Task brief »
Directions for the data below: repeat exactly the lines from the one with "## Footprint DIL16 (pad centres in mm)" through the one with "import ezdxf", both included, and omit all pictures.

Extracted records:
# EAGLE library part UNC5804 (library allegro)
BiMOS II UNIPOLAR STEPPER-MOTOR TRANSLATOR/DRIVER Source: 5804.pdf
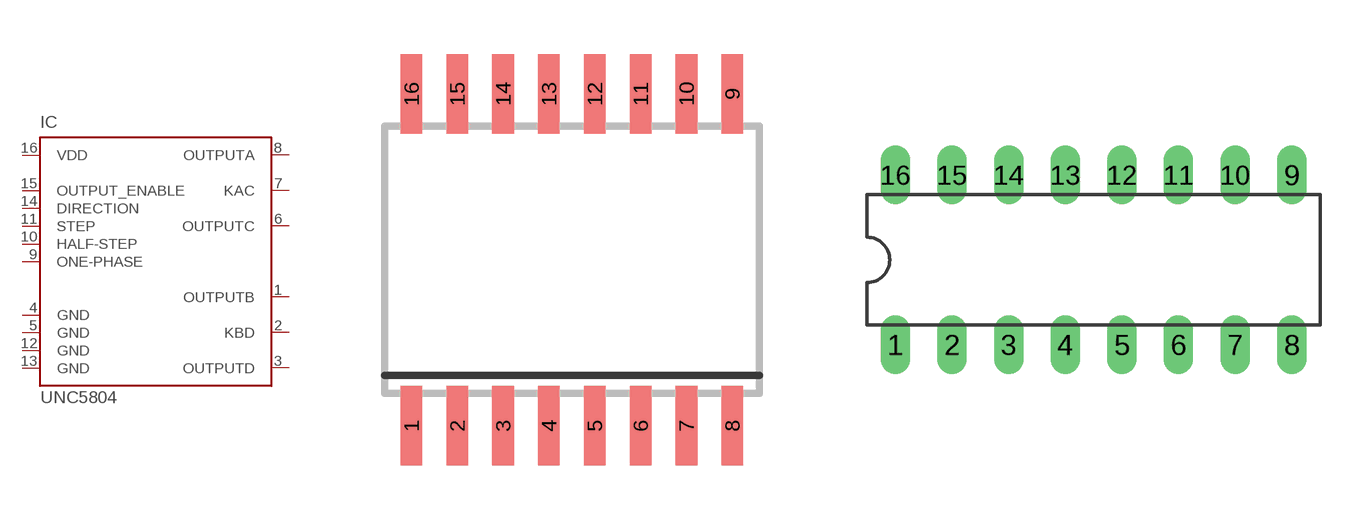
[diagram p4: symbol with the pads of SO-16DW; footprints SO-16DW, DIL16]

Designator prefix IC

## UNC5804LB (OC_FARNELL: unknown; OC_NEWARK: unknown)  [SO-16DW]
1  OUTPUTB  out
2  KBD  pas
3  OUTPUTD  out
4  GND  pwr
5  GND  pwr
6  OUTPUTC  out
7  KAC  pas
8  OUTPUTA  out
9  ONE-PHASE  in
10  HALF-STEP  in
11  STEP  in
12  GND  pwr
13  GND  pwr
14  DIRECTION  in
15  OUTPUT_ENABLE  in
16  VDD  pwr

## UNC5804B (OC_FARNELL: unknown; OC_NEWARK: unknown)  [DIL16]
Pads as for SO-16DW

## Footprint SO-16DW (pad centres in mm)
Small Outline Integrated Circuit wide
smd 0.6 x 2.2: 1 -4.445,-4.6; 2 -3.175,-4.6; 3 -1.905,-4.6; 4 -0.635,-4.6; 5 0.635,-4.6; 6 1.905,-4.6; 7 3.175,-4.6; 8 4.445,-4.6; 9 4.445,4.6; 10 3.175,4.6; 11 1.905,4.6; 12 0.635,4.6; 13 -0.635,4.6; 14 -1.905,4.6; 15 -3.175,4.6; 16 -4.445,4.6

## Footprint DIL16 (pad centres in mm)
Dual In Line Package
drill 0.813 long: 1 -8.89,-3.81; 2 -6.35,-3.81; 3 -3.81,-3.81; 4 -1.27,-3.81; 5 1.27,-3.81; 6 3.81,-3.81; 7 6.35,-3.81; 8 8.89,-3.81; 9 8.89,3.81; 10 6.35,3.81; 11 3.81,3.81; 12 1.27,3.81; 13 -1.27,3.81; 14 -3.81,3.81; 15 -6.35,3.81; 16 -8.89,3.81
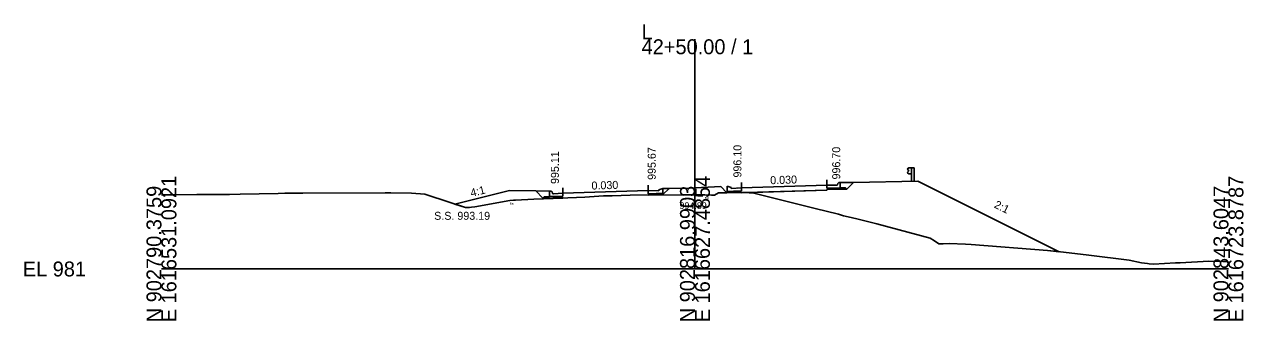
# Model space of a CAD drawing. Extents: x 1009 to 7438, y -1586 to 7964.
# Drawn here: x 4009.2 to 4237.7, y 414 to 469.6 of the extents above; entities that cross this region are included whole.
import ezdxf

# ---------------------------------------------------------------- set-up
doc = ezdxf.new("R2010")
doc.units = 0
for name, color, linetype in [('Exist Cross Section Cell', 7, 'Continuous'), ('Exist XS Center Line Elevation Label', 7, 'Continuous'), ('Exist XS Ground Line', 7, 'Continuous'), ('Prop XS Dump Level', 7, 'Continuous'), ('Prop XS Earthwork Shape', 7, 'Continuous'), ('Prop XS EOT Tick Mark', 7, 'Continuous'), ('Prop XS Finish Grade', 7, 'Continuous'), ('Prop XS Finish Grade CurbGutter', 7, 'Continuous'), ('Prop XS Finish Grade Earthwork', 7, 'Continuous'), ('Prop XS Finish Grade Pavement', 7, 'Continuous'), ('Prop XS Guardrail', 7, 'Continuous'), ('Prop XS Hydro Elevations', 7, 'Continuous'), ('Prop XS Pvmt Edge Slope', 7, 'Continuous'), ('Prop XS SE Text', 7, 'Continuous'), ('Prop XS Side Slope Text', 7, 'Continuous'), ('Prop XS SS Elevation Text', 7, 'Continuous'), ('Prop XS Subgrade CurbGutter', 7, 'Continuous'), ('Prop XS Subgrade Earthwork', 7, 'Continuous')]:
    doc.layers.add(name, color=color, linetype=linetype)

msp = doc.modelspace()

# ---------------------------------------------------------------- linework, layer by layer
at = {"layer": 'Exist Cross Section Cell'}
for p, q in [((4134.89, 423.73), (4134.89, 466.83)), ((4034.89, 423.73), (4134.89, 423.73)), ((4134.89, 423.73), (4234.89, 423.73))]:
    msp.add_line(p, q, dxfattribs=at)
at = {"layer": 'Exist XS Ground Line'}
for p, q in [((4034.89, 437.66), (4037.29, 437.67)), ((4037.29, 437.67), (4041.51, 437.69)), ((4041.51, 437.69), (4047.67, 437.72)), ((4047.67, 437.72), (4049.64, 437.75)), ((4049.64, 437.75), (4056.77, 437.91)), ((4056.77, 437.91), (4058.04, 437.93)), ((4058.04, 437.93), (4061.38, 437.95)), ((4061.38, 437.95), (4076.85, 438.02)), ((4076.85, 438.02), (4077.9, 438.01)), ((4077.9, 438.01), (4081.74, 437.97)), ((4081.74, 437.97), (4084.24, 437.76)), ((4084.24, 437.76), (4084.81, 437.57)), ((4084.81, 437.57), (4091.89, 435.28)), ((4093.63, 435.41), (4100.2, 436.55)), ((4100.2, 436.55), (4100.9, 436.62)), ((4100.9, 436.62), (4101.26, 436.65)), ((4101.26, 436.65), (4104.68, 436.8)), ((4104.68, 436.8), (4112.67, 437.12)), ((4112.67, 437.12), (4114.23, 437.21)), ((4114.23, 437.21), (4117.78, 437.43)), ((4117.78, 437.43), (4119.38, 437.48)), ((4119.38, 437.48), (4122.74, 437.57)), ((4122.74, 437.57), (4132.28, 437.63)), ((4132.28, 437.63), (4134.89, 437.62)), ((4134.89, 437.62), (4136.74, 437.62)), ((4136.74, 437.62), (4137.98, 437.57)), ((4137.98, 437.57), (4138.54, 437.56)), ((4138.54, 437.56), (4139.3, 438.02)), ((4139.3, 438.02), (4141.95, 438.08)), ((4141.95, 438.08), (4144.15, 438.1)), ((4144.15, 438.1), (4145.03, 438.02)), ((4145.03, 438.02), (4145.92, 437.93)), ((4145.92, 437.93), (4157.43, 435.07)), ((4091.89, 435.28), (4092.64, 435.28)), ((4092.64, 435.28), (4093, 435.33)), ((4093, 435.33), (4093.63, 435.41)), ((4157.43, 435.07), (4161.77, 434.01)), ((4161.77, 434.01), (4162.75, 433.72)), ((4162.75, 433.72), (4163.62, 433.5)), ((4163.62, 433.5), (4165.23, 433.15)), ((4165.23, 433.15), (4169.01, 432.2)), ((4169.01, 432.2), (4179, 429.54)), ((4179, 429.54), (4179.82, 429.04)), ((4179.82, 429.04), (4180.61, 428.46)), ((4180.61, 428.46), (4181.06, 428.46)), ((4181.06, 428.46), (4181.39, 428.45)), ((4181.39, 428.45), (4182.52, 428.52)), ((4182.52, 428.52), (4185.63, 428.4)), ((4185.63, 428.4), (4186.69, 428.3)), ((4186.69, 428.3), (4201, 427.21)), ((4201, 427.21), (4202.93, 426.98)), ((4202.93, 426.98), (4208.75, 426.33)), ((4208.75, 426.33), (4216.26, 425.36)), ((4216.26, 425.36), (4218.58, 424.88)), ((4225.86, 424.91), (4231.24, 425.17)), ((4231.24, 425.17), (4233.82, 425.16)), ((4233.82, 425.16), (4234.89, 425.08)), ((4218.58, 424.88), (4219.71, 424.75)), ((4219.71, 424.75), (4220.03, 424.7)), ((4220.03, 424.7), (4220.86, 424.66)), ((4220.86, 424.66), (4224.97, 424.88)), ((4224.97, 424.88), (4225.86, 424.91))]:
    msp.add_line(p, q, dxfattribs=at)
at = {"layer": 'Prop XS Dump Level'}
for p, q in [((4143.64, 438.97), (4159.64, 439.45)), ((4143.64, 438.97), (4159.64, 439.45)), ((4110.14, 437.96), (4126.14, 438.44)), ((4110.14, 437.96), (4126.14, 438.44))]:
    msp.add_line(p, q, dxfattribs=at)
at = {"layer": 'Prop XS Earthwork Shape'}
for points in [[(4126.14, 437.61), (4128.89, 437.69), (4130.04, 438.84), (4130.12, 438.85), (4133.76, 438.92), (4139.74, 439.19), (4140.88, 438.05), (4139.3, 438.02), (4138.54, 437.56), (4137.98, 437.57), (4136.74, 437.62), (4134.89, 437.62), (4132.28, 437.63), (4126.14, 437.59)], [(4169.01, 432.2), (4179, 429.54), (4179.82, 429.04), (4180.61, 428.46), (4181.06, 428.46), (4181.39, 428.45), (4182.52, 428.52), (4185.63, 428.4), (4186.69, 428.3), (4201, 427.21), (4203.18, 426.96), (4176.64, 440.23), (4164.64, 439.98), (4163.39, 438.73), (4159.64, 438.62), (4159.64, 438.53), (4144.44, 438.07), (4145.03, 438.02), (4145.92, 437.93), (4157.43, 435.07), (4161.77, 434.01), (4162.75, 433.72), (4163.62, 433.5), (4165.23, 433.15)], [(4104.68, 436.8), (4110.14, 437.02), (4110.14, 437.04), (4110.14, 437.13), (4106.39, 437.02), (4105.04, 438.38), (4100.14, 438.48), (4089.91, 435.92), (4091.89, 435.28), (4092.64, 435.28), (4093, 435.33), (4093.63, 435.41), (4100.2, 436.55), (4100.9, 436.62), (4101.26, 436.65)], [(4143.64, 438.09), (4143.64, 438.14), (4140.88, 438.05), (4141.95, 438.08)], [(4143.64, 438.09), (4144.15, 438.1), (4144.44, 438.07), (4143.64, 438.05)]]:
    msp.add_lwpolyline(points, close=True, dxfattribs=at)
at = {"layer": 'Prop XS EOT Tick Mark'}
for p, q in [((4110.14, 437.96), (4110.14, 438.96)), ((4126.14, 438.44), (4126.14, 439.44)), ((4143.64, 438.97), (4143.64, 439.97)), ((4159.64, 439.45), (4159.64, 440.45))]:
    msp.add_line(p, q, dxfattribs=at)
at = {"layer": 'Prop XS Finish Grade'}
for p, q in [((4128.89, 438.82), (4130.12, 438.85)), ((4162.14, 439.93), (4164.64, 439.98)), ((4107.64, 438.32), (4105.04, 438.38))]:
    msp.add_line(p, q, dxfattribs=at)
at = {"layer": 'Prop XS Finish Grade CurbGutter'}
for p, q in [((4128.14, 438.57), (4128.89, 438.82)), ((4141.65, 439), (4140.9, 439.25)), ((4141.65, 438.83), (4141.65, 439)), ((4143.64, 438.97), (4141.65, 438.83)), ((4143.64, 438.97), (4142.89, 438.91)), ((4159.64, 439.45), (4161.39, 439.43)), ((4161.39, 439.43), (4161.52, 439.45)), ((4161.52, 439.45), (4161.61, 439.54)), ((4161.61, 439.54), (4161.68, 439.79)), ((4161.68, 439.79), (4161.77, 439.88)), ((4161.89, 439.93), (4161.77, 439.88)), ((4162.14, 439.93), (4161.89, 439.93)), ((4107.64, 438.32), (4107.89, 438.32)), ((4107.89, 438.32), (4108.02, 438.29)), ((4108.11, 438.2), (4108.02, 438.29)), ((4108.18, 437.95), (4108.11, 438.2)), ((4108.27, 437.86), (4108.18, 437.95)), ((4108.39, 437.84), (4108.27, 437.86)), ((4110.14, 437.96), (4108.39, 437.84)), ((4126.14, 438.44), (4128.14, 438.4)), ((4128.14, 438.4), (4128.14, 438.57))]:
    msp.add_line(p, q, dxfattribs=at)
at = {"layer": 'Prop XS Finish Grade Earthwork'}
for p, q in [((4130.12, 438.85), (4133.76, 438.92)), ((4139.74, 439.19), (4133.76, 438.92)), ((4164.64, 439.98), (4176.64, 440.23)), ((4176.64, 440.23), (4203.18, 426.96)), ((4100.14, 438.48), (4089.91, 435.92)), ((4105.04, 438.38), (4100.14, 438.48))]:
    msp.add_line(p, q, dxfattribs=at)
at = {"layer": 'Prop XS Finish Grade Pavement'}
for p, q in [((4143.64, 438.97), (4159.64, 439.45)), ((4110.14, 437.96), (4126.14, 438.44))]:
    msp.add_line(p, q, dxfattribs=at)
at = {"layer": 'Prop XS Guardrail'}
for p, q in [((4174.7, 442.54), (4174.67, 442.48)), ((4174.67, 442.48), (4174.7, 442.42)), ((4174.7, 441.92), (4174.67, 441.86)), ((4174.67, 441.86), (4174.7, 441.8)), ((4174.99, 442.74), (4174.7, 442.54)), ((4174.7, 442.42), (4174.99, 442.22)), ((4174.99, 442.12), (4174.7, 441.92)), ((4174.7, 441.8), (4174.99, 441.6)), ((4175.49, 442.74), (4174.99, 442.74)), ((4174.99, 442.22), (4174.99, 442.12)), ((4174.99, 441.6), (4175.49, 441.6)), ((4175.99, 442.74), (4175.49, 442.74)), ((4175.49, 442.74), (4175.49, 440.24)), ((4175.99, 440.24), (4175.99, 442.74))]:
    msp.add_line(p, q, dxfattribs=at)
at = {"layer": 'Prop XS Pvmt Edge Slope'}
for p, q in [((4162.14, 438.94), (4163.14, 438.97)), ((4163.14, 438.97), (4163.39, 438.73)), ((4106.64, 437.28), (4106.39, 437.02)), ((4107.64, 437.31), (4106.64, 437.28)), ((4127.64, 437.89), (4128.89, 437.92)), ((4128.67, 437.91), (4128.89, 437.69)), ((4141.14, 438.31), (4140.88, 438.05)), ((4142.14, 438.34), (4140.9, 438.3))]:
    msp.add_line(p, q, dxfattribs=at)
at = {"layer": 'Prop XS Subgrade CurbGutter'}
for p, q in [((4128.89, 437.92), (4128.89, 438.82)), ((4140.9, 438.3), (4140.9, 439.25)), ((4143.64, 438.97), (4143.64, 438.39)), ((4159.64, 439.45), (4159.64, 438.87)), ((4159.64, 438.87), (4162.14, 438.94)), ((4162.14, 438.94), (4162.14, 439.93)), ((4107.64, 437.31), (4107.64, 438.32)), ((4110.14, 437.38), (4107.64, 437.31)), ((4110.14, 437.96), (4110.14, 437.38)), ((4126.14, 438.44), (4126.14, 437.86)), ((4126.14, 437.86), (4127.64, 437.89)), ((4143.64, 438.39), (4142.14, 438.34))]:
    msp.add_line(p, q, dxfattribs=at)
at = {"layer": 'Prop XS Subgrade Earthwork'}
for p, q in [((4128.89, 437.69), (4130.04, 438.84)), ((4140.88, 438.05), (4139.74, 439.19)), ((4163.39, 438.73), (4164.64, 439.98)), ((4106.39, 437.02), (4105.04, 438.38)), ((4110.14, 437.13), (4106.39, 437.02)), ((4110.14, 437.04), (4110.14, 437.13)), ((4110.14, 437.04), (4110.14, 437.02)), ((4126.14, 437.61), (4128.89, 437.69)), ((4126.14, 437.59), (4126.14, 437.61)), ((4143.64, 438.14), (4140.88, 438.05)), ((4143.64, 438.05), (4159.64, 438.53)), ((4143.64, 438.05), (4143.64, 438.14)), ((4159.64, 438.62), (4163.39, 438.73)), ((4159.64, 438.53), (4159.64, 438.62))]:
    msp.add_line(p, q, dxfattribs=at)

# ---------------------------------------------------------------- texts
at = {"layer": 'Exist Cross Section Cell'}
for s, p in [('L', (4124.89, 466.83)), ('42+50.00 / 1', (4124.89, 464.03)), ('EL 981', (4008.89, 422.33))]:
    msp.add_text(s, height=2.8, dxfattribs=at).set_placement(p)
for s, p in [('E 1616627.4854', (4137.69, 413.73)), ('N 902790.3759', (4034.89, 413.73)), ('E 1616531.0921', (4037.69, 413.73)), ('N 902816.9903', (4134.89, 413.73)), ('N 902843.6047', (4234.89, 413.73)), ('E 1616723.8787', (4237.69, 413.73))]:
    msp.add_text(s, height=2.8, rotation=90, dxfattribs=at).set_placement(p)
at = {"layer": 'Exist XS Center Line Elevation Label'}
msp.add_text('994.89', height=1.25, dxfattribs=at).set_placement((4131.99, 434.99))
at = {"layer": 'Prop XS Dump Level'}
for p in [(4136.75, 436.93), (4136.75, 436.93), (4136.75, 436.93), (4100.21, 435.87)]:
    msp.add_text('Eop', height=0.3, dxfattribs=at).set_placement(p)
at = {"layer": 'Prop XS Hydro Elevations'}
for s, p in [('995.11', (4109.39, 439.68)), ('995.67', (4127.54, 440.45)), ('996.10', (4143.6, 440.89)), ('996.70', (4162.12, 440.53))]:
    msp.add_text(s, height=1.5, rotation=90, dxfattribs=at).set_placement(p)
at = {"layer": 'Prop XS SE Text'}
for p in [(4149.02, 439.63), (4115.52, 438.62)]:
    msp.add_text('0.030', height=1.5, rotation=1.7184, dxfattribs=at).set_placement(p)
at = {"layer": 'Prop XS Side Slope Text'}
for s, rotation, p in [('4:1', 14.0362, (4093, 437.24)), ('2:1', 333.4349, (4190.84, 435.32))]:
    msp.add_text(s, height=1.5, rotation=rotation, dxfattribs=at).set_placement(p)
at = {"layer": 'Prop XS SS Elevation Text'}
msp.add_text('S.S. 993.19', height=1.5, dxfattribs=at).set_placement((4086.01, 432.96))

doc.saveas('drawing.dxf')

Answer to this problem »
## Footprint DIL16 (pad centres in mm)
Dual In Line Package
drill 0.813 long: 1 -8.89,-3.81; 2 -6.35,-3.81; 3 -3.81,-3.81; 4 -1.27,-3.81; 5 1.27,-3.81; 6 3.81,-3.81; 7 6.35,-3.81; 8 8.89,-3.81; 9 8.89,3.81; 10 6.35,3.81; 11 3.81,3.81; 12 1.27,3.81; 13 -1.27,3.81; 14 -3.81,3.81; 15 -6.35,3.81; 16 -8.89,3.81
# Model space of a CAD drawing. Extents: x 1009 to 7438, y -1586 to 7964.
# Drawn here: x 4009.2 to 4237.7, y 414 to 469.6 of the extents above; entities that cross this region are included whole.
import ezdxf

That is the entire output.